A. Insufficient Evidence to Support Coiv-viction Under 18 U.S.C. § 2118(e)

Title 18, U.S.C. § 2113(e) makes it an aggravated circumstance of the crime of bank robbery for the robber to force any person to accompany him without the consent of that person. Upon conviction, the minimum sentence is ten years. The scope of the phrase “to accompany him” is at issue here. Section 2113(e) does not expressly set forth how extensive accompaniment must be to prove this aggravated form of bank robbery, nor has this Circuit decided this issue.
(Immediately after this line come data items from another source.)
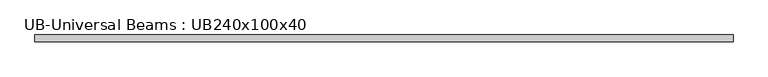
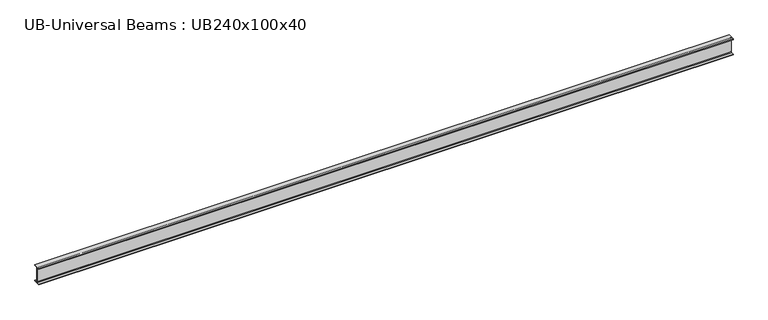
"""IFC4 building model written with IfcOpenShell, lengths in millimetres: beam geometry, UB-Universal Beams : UB240x100x40."""

import ifcopenshell
import ifcopenshell.guid

model = None  # the IFC model being written
_history = None  # IfcOwnerHistory: only IFC2X3 demands one
_inside = {}  # id of a spatial element -> (the spatial element, [elements in it])
_under = {}  # id of a project, library or spatial element -> (it, [spatial elements below it])
_declared = {}  # id of a project -> (the project, [libraries it declares])
_typed = {}  # id of a type object -> (the type object, [elements of that type])
_made_of = {}  # id of a material, layer set ... -> (it, [elements and type objects made of it])


def new_model(schema):
    """Start an empty IFC model of exactly this schema.

    Asked for "IFC4X3", IfcOpenShell would pick the latest addendum, in which some entities
    have other attributes; the version numbers below select the first issue.
    IFC2X3 requires an IfcOwnerHistory on every rooted entity: one is made here for all.
    """
    global model, _history
    if schema == "IFC4X3":
        model = ifcopenshell.file(schema_version=(4, 3, 0, 0))
    else:
        model = ifcopenshell.file(schema=schema)
    _inside.clear()
    _under.clear()
    _declared.clear()
    _typed.clear()
    _made_of.clear()
    _history = None
    if model.schema == "IFC2X3":
        org = make("IfcOrganization", Name="unknown")
        user = make(
            "IfcPersonAndOrganization",
            ThePerson=make("IfcPerson", FamilyName="unknown"),
            TheOrganization=org,
        )
        app = make(
            "IfcApplication",
            ApplicationDeveloper=org,
            Version="unknown",
            ApplicationFullName="unknown",
            ApplicationIdentifier="unknown",
        )
        _history = make(
            "IfcOwnerHistory",
            OwningUser=user,
            OwningApplication=app,
            ChangeAction="ADDED",
            CreationDate=0,
        )
    return model


def make(cls, **values):
    """One entity of the class cls with the attributes given. An attribute that is None is left unset."""
    return model.create_entity(
        cls, **{name: value for name, value in values.items() if value is not None}
    )


def rooted(cls, **values):
    """An entity with a GlobalId (a new one), such as an element, a storey or a relation."""
    return make(cls, GlobalId=ifcopenshell.guid.new(), OwnerHistory=_history, **values)


def si_unit(unit_type, name, prefix=None):
    """IfcSIUnit, for example si_unit("LENGTHUNIT", "METRE", prefix="MILLI")."""
    return make("IfcSIUnit", UnitType=unit_type, Prefix=prefix, Name=name)


def assignment(units):
    """IfcUnitAssignment: the units of a project."""
    return None if units is None else make("IfcUnitAssignment", Units=units)


def point(xyz):
    """IfcCartesianPoint."""
    return None if xyz is None else make("IfcCartesianPoint", Coordinates=xyz)


def direction(xyz):
    """IfcDirection."""
    return None if xyz is None else make("IfcDirection", DirectionRatios=xyz)


def frame(location, z_axis=None, x_axis=None):
    """IfcAxis2Placement3D, a coordinate frame: its origin and axes. An axis left out is left unset."""
    return make(
        "IfcAxis2Placement3D",
        Location=point(location),
        Axis=direction(z_axis),
        RefDirection=direction(x_axis),
    )


def frame_2d(location, x_axis=None):
    """IfcAxis2Placement2D, a coordinate frame in the plane: its origin and x axis."""
    return make(
        "IfcAxis2Placement2D", Location=point(location), RefDirection=direction(x_axis)
    )


def origin():
    """The frame at (0, 0, 0) with its axes left unset."""
    return frame((0.0, 0.0, 0.0))


def place(relative_to, where):
    """IfcLocalPlacement: puts the frame where relative to a parent placement (None: the world)."""
    return make(
        "IfcLocalPlacement", PlacementRelTo=relative_to, RelativePlacement=where
    )


def context(
    kind, dimensions, precision=None, world=None, true_north=None, identifier=None
):
    """IfcGeometricRepresentationContext, for example the 3D "Model" context."""
    return make(
        "IfcGeometricRepresentationContext",
        ContextIdentifier=identifier,
        ContextType=kind,
        CoordinateSpaceDimension=dimensions,
        Precision=precision,
        WorldCoordinateSystem=world,
        TrueNorth=true_north,
    )


def project(units=None, contexts=None):
    """IfcProject with its units and contexts."""
    return rooted(
        "IfcProject",
        Name="project",
        RepresentationContexts=contexts,
        UnitsInContext=assignment(units),
    )


def spatial(cls, under=None, at=None, **own):
    """A site, building, storey or space (cls), placed at a placement, below another one or the project."""
    s = rooted(cls, ObjectPlacement=at, **own)
    if under is not None:
        _under.setdefault(under.id(), (under, []))[1].append(s)
    return s


def polyline(points):
    """IfcPolyline through the points."""
    return make("IfcPolyline", Points=[point(p) for p in points])


def circle_curve(where, radius):
    """IfcCircle in the frame where."""
    return make("IfcCircle", Position=where, Radius=radius)


def trimmed(basis, trim1, trim2, sense, master):
    """IfcTrimmedCurve: the piece of a basis curve between two trims."""
    return make(
        "IfcTrimmedCurve",
        BasisCurve=basis,
        Trim1=trim1,
        Trim2=trim2,
        SenseAgreement=sense,
        MasterRepresentation=master,
    )


def segment(curve, same_sense, transition):
    """IfcCompositeCurveSegment."""
    return make(
        "IfcCompositeCurveSegment",
        Transition=transition,
        SameSense=same_sense,
        ParentCurve=curve,
    )


def composite_curve(segments, self_intersect=None):
    """IfcCompositeCurve: segments joined end to end."""
    return make("IfcCompositeCurve", Segments=segments, SelfIntersect=self_intersect)


def outline(outer, holes=None, kind="AREA"):
    """IfcArbitraryClosedProfileDef: a profile drawn as a closed curve; with holes, ...WithVoids."""
    if holes is None:
        return make("IfcArbitraryClosedProfileDef", ProfileType=kind, OuterCurve=outer)
    return make(
        "IfcArbitraryProfileDefWithVoids",
        ProfileType=kind,
        OuterCurve=outer,
        InnerCurves=holes,
    )


def extrude(swept, where, along, depth):
    """IfcExtrudedAreaSolid: the profile swept, set in the frame where, extruded along a direction by depth."""
    return make(
        "IfcExtrudedAreaSolid",
        SweptArea=swept,
        Position=where,
        ExtrudedDirection=direction(along),
        Depth=depth,
    )


def shape(context_of_items, identifier, shape_type, items):
    """IfcShapeRepresentation: the items that make up one representation, for example the "Body"."""
    return make(
        "IfcShapeRepresentation",
        ContextOfItems=context_of_items,
        RepresentationIdentifier=identifier,
        RepresentationType=shape_type,
        Items=items,
    )


def source(mapping_origin, context_of_items, identifier, shape_type, items):
    """IfcRepresentationMap: a shape defined once, which mapped items show again and again."""
    return make(
        "IfcRepresentationMap",
        MappingOrigin=mapping_origin,
        MappedRepresentation=shape(context_of_items, identifier, shape_type, items),
    )


def transform(
    local_origin,
    x_axis=None,
    y_axis=None,
    z_axis=None,
    scale=None,
    scale2=None,
    scale3=None,
    uniform=True,
):
    """IfcCartesianTransformationOperator3D, or its non-uniform kind. x_axis, y_axis, z_axis: its Axis1, 2, 3."""
    if uniform:
        return make(
            "IfcCartesianTransformationOperator3D",
            Axis1=direction(x_axis),
            Axis2=direction(y_axis),
            LocalOrigin=point(local_origin),
            Scale=scale,
            Axis3=direction(z_axis),
        )
    return make(
        "IfcCartesianTransformationOperator3DnonUniform",
        Axis1=direction(x_axis),
        Axis2=direction(y_axis),
        LocalOrigin=point(local_origin),
        Scale=scale,
        Axis3=direction(z_axis),
        Scale2=scale2,
        Scale3=scale3,
    )


def mapped(mapping_source, mapping_target):
    """IfcMappedItem: shows the shape of a source again, moved by a transform."""
    return make(
        "IfcMappedItem", MappingSource=mapping_source, MappingTarget=mapping_target
    )


def made_of(thing, what):
    """Note that an element or type object is made of a material, layer set ...; save() writes the relation."""
    if what is not None:
        _made_of.setdefault(what.id(), (what, []))[1].append(thing)
    return thing


def element(
    cls,
    number,
    at=None,
    inside=None,
    cuts=None,
    type_object=None,
    material=None,
    context=None,
    identifier="Body",
    shape_type=None,
    held_by="IfcProductDefinitionShape",
    body=None,
    shapes=None,
    **own,
):
    """One element of the class cls, such as IfcWall. Its Tag is "e" and its number.

    at: its placement. inside: the storey or other place that contains it. cuts: it is an
    opening in that element (IfcRelVoidsElement). A single representation is given by context,
    identifier, shape_type and body (its items); several are given by shapes. held_by: the class
    of the entity that holds the representations. save() writes the other relations.
    """
    e = rooted(cls, Tag="e%d" % number, ObjectPlacement=at, **own)
    if body is not None:
        shapes = [shape(context, identifier, shape_type, body)]
    if shapes is not None:
        e.Representation = make(held_by, Representations=shapes)
    if inside is not None:
        _inside.setdefault(inside.id(), (inside, []))[1].append(e)
    if cuts is not None:
        rooted(
            "IfcRelVoidsElement", RelatingBuildingElement=cuts, RelatedOpeningElement=e
        )
    if type_object is not None:
        _typed.setdefault(type_object.id(), (type_object, []))[1].append(e)
    return made_of(e, material)


def aggregate(whole, parts):
    """IfcRelAggregates: a whole, such as a stair, and the parts it consists of."""
    return rooted("IfcRelAggregates", RelatingObject=whole, RelatedObjects=parts)


def save(model, path):
    """Write the relations noted so far, then the file.

    IfcRelAggregates (storeys below a building ...), IfcRelContainedInSpatialStructure (elements
    in a storey), IfcRelDefinesByType, IfcRelAssociatesMaterial and IfcRelDeclares: one each for
    every whole, place, type object, material and project.
    """
    for whole, parts in _under.values():
        aggregate(whole, parts)
    for where, things in _inside.values():
        rooted(
            "IfcRelContainedInSpatialStructure",
            RelatedElements=things,
            RelatingStructure=where,
        )
    for kind, things in _typed.values():
        rooted("IfcRelDefinesByType", RelatedObjects=things, RelatingType=kind)
    for what, things in _made_of.values():
        rooted("IfcRelAssociatesMaterial", RelatedObjects=things, RelatingMaterial=what)
    for by, libraries in _declared.values():
        rooted("IfcRelDeclares", RelatingContext=by, RelatedDefinitions=libraries)
    model.write(path)


def ub_universal_beams_ub240x100x40_dda5167d(model_context):
    return source(origin(), model_context, "Body", "SweptSolid", [
        extrude(outline(composite_curve([segment(polyline([(-50.0, -109.8), (-11.9, -109.8)]), True, "CONTINUOUS"), segment(trimmed(circle_curve(frame_2d((-11.9, -100.9)), 8.9), [point((-11.9, -109.8))], [point((-3.0, -100.9))], True, "CARTESIAN"), True, "CONTINUOUS"), segment(polyline([(-3.0, -100.9), (-3.0, 100.9)]), True, "CONTINUOUS"), segment(trimmed(circle_curve(frame_2d((-11.9, 100.9)), 8.9), [point((-3.0, 100.9))], [point((-11.9, 109.8))], True, "CARTESIAN"), True, "CONTINUOUS"), segment(polyline([(-11.9, 109.8), (-50.0, 109.8), (-50.0, 120.0), (50.0, 120.0), (50.0, 109.8), (11.9, 109.8)]), True, "CONTINUOUS"), segment(trimmed(circle_curve(frame_2d((11.9, 100.9)), 8.9), [point((11.9, 109.8))], [point((3.0, 100.9))], True, "CARTESIAN"), True, "CONTINUOUS"), segment(polyline([(3.0, 100.9), (3.0, -100.9)]), True, "CONTINUOUS"), segment(trimmed(circle_curve(frame_2d((11.9, -100.9)), 8.9), [point((3.0, -100.9))], [point((11.9, -109.8))], True, "CARTESIAN"), True, "CONTINUOUS"), segment(polyline([(11.9, -109.8), (50.0, -109.8), (50.0, -120.0), (-50.0, -120.0), (-50.0, -109.8)]), True, "CONTINUOUS")], self_intersect=False)), frame((-4952.05, 0.0, 0.0), z_axis=(1.0, 0.0, 0.0), x_axis=(0.0, 1.0, 0.0)), (0.0, 0.0, 1.0), 9899.1),
    ])


if __name__ == "__main__":
    model = new_model("IFC4")
    model_context = context("Model", 3, world=origin())
    ifc_project = project(units=[si_unit("LENGTHUNIT", "METRE", prefix="MILLI")], contexts=[model_context])
    site = spatial("IfcSite", under=ifc_project)
    building = spatial("IfcBuilding", under=site)
    placement = place(None, origin())
    ub_universal_beams_ub240x100x40_shape = ub_universal_beams_ub240x100x40_dda5167d(model_context)
    element("IfcBeam", 1, ObjectType="UB-Universal Beams : UB240x100x40", at=placement, inside=building, context=model_context, shape_type="MappedRepresentation", body=[
        mapped(ub_universal_beams_ub240x100x40_shape, transform((0.0, 0.0, 0.0), x_axis=(1.0, 0.0, 0.0), y_axis=(0.0, 1.0, 0.0), z_axis=(0.0, 0.0, 1.0))),
    ])
    save(model, "model.ifc")

Reed argues the evidence that he forced Mack to walk the short distance from the bank’s door to the vault is insufficient, as a matter of law, to support his conviction under 18 U.S.C. § 2113(e). He argues Congress enacted § 2113(e) with the intent to punish the distinct crime of kidnapping that often accompanies the crime of bank robbery, rather than forced movement that is incidental to the crime of bank robbery. Accordingly, he argues, the government should be required to prove a more significant asportation than that involved here. The government should have to prove an asportation similar to that required to sustain a conviction under common law kidnapping or under the federal kidnapping statute, 18 U.S.C. § 1201. Because the movement in this case was incidental to the commission of the robbery itself, and did not amount to the separate crime of kidnapping, Reed argues the Court should reverse his conviction under § 2113(e). Reed cites United States v. Marx, 485 F.2d 1179 (10th Cir.1973), cert. denied, 416 U.S. 986, 94 S.Ct. 2391, 40 L.Ed.2d 764 (1974), and United States v. Sanchez, 782 F.Supp. 94 (C.D.Cal.1992), as support for the proposition that § 2113(e) is intended to punish kidnapping, in the sense of the common law crime or the federal kidnapping statute, rather than forced movement that is incidental to the crime of bank robbery.

In response, the government argues the record belies Reed’s argument that the as-portation was- insubstantial and incidental to the commission of the crime. Further, the government argues Reed’s argument is contrary to the express language of the statute and interpretive case law. The government argues that case law establishes that the asportation element of § 2113(e) is satisfied when the defendant forces any person to accompany him without the consent of such person while committing an armed bank robbery. Finally, the government attempts to distinguish the facts at hand from those in Marx and Sanchez by arguing the facts in those cases constituted a much lower degree of violence and danger than the actions of Reed. The government’s position is that Reed’s threatening of Mack with a gun outside the credit union, and his forcing her to enter with him constituted a significant change in her environment and served to increase the risk of danger to which she was exposed.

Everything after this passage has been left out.